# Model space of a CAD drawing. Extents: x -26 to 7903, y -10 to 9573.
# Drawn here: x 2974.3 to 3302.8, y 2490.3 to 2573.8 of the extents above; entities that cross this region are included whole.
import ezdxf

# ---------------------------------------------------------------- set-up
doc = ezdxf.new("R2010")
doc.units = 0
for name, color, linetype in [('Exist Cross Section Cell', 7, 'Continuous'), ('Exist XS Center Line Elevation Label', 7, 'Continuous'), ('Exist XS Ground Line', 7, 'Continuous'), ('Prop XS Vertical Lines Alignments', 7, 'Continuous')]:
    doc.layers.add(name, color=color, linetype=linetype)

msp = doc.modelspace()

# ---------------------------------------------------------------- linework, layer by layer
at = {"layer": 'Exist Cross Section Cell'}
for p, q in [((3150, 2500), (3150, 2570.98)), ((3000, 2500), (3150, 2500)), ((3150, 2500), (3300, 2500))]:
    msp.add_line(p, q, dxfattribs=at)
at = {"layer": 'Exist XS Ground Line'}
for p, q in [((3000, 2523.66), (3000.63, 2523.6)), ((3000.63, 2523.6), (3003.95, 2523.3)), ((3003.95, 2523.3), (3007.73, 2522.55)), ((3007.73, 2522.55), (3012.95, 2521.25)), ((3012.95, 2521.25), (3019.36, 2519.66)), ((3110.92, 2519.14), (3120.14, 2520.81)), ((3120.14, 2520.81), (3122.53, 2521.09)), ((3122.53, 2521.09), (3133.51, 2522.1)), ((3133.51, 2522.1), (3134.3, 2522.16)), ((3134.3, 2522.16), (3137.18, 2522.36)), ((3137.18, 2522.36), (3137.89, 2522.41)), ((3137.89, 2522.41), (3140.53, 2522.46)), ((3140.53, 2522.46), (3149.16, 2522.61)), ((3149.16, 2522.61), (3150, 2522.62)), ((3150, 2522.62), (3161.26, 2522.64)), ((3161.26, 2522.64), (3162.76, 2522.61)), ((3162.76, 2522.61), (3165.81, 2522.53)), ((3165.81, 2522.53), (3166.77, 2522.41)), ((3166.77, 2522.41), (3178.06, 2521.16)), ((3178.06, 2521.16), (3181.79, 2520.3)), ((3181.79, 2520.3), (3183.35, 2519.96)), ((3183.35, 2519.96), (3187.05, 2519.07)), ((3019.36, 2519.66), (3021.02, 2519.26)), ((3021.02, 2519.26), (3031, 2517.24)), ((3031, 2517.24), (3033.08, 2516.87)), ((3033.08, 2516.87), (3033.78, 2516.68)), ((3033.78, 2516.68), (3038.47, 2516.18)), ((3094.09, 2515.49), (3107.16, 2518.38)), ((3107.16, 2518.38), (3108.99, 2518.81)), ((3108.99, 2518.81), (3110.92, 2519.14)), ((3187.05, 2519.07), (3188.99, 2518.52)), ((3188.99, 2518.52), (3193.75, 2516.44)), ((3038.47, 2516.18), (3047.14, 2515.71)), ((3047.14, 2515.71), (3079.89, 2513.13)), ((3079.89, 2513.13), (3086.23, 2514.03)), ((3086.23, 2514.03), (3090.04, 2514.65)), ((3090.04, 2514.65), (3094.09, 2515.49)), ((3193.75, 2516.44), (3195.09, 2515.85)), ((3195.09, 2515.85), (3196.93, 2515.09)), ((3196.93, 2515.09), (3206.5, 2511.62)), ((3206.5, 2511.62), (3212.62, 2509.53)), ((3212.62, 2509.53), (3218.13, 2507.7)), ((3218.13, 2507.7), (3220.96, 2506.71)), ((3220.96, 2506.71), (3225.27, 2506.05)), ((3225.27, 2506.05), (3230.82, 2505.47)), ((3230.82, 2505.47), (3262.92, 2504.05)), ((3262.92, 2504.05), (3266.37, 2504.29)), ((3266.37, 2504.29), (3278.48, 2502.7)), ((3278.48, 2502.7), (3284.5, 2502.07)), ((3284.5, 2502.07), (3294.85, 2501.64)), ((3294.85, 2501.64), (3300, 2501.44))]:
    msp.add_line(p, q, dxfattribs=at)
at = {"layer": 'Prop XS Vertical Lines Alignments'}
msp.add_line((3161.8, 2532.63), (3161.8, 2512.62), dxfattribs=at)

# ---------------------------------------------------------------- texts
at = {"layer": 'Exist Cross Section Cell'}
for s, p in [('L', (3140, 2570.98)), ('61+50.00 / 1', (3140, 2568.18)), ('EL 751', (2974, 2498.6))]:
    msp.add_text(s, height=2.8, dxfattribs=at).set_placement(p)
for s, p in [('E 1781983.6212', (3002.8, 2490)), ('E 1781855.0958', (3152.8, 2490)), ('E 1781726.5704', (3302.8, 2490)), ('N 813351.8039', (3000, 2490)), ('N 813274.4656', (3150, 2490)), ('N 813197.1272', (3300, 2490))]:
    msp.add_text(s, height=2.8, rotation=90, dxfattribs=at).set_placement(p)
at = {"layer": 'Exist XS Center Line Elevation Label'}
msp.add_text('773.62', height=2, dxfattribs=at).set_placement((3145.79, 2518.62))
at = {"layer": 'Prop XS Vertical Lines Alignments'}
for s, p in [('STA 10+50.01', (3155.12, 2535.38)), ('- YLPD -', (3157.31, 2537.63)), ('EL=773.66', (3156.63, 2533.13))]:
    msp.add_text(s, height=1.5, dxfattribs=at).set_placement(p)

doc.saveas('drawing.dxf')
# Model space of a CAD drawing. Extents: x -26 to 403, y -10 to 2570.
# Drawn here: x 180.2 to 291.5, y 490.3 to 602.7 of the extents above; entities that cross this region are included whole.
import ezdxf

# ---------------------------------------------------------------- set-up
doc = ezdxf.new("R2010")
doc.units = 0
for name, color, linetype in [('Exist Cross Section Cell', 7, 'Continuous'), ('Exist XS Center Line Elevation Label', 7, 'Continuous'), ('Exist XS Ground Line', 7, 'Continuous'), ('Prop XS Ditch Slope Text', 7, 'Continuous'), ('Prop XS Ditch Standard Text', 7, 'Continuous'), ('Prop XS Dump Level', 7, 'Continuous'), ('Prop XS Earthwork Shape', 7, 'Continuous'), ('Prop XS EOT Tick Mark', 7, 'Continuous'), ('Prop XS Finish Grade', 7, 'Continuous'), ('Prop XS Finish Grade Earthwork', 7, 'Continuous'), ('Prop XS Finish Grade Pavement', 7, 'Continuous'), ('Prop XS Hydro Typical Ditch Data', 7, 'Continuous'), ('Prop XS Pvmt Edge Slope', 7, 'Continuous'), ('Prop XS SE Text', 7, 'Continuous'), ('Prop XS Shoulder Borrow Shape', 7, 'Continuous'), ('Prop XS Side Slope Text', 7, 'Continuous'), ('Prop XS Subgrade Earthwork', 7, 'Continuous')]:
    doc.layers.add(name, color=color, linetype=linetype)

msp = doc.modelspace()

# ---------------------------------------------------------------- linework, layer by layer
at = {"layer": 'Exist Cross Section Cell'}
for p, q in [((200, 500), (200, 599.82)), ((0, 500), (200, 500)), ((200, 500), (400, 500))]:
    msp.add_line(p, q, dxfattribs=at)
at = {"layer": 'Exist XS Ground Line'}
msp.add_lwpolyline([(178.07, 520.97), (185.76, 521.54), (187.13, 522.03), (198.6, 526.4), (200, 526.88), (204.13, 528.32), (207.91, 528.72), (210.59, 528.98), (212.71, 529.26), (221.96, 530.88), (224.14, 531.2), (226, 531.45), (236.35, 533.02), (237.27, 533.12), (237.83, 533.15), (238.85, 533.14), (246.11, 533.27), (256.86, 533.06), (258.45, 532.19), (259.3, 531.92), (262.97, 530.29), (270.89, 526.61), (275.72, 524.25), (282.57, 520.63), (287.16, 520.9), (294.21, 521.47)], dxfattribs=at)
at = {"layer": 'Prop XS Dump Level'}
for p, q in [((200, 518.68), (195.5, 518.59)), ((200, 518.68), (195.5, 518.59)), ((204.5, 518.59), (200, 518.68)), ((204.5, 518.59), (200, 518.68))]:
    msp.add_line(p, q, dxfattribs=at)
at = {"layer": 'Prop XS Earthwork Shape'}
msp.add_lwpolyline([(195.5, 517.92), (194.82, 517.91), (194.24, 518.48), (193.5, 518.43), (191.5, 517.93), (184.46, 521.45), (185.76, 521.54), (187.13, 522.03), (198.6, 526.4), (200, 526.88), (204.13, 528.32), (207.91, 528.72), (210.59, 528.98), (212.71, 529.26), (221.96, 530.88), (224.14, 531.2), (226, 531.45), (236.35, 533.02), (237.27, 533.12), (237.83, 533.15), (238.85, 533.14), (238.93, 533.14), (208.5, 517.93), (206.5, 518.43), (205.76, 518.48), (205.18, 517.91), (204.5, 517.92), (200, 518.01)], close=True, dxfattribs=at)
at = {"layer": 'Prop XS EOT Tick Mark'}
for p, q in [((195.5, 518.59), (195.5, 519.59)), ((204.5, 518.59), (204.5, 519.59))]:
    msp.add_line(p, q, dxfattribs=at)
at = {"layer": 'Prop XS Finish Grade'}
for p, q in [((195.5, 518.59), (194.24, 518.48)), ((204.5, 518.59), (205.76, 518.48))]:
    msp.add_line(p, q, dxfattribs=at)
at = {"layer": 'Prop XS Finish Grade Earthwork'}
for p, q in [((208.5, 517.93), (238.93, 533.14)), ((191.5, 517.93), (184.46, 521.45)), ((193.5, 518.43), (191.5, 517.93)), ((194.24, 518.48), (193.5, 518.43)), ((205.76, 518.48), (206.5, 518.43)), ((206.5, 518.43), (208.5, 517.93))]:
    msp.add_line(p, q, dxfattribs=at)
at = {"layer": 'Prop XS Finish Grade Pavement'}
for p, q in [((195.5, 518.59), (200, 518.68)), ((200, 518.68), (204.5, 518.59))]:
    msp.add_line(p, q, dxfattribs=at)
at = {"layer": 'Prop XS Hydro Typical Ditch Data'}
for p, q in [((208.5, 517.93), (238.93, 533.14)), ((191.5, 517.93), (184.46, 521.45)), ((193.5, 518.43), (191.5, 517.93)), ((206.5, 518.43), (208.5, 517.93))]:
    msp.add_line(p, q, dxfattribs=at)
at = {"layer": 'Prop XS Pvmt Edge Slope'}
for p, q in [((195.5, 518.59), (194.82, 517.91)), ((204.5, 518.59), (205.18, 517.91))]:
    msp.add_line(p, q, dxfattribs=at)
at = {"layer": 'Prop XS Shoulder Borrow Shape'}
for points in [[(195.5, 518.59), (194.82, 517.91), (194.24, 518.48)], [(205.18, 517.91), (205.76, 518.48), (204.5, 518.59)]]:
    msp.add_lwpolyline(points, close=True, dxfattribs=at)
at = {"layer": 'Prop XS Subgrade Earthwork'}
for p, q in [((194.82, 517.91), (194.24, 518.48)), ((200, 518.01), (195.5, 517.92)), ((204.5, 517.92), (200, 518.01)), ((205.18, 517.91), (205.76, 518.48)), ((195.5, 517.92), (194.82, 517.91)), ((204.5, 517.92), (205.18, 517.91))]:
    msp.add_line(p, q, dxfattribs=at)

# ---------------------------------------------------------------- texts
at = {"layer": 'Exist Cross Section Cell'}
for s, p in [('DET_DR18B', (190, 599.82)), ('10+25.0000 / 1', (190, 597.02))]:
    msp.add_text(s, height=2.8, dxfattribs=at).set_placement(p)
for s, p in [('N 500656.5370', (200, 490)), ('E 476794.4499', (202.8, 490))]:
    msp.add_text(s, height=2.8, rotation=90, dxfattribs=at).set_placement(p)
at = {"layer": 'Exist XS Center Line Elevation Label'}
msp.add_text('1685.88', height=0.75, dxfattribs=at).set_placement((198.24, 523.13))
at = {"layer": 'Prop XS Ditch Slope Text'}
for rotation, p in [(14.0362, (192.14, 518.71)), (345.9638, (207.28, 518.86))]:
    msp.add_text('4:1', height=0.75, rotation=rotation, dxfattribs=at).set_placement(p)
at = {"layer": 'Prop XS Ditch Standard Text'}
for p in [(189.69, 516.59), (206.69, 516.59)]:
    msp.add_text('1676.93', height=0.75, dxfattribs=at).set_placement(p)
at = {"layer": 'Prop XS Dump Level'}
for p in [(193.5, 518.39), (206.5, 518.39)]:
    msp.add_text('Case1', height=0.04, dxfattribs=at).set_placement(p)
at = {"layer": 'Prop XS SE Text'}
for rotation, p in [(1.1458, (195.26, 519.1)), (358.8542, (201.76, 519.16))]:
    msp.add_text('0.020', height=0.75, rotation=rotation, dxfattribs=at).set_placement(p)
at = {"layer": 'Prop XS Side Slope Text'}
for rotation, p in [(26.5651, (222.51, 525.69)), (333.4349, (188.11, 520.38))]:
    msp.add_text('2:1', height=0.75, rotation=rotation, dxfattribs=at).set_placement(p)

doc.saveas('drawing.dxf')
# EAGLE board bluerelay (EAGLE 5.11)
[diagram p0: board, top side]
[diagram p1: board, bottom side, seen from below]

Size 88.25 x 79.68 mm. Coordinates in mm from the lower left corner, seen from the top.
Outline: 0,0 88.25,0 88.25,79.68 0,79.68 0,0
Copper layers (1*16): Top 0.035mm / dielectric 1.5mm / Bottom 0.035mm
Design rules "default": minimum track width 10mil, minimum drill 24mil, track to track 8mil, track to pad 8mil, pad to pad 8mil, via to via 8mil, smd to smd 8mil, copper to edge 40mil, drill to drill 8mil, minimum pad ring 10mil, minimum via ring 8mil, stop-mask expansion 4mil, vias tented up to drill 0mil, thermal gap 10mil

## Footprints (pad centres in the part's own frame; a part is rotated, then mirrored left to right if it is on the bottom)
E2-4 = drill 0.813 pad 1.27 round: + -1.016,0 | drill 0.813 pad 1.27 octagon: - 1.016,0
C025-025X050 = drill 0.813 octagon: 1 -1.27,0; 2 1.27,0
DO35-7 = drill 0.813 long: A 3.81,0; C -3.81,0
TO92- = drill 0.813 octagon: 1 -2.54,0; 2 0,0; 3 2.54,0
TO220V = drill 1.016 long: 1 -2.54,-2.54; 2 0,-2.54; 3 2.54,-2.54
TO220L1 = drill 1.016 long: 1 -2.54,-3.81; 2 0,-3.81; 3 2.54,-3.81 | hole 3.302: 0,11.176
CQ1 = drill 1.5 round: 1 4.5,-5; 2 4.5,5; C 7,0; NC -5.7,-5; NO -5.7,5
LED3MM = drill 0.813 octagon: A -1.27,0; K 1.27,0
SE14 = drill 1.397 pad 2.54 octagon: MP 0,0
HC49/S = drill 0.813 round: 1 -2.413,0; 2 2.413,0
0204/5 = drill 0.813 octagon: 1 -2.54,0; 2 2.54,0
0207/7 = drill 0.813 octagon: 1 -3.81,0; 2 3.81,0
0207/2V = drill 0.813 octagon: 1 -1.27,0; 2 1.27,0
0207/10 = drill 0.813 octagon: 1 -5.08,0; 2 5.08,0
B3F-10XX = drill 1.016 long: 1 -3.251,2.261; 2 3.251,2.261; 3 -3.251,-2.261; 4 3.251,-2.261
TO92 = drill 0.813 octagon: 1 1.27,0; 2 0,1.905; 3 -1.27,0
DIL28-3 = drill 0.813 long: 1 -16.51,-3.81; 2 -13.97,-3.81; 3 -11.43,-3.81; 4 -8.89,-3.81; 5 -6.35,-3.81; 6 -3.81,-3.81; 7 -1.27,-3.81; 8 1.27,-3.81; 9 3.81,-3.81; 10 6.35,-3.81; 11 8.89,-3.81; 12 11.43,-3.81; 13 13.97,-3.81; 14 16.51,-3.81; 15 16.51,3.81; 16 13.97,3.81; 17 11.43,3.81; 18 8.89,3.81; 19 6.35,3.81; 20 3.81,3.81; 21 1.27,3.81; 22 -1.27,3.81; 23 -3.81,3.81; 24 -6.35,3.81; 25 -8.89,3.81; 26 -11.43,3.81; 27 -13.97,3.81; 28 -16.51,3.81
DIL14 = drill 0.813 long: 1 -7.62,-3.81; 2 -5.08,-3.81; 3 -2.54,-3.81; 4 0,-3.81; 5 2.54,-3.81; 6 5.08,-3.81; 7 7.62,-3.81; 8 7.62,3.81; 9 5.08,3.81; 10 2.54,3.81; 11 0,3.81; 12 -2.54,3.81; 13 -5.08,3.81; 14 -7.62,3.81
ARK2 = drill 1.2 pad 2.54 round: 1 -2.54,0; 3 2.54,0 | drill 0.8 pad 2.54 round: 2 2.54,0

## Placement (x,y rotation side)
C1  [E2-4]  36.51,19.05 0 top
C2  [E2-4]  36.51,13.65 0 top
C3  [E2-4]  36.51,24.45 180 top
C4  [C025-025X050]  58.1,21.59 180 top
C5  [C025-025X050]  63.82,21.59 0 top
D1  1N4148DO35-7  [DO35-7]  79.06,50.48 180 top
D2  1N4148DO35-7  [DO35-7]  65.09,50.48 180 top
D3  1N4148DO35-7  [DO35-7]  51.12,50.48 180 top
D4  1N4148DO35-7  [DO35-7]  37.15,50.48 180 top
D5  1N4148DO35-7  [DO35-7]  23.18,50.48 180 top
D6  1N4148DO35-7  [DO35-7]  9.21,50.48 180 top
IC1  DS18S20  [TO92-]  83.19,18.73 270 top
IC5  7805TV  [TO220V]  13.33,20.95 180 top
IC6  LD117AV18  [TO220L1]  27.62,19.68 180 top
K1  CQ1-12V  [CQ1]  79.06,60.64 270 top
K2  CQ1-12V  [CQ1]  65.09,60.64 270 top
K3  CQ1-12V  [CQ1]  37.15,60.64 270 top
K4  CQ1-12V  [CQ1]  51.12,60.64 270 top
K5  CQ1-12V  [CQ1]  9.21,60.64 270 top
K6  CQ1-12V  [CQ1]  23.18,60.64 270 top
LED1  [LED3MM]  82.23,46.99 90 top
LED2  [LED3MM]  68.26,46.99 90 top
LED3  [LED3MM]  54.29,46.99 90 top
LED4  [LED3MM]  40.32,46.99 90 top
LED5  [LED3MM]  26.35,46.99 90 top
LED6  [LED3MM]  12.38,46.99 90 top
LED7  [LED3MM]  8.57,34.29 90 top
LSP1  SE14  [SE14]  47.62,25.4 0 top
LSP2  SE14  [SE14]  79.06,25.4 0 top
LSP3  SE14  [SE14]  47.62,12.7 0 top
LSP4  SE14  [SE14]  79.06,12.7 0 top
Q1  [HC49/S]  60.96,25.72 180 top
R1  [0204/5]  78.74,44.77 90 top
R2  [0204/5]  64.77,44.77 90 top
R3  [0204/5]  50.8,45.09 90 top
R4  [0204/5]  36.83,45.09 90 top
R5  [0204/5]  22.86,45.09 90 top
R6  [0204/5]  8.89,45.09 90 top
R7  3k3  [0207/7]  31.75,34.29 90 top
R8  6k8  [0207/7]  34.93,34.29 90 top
● ● ● ●
# [Exercise brief]
Transcribe the records above from the line holding "51.12,60.64 270 top" down to the line holding "40.32,46.99 90 top", inclusive, without adding anything.

# [Answer area]
K4  CQ1-12V  [CQ1]  51.12,60.64 270 top
K5  CQ1-12V  [CQ1]  9.21,60.64 270 top
K6  CQ1-12V  [CQ1]  23.18,60.64 270 top
LED1  [LED3MM]  82.23,46.99 90 top
LED2  [LED3MM]  68.26,46.99 90 top
LED3  [LED3MM]  54.29,46.99 90 top
LED4  [LED3MM]  40.32,46.99 90 top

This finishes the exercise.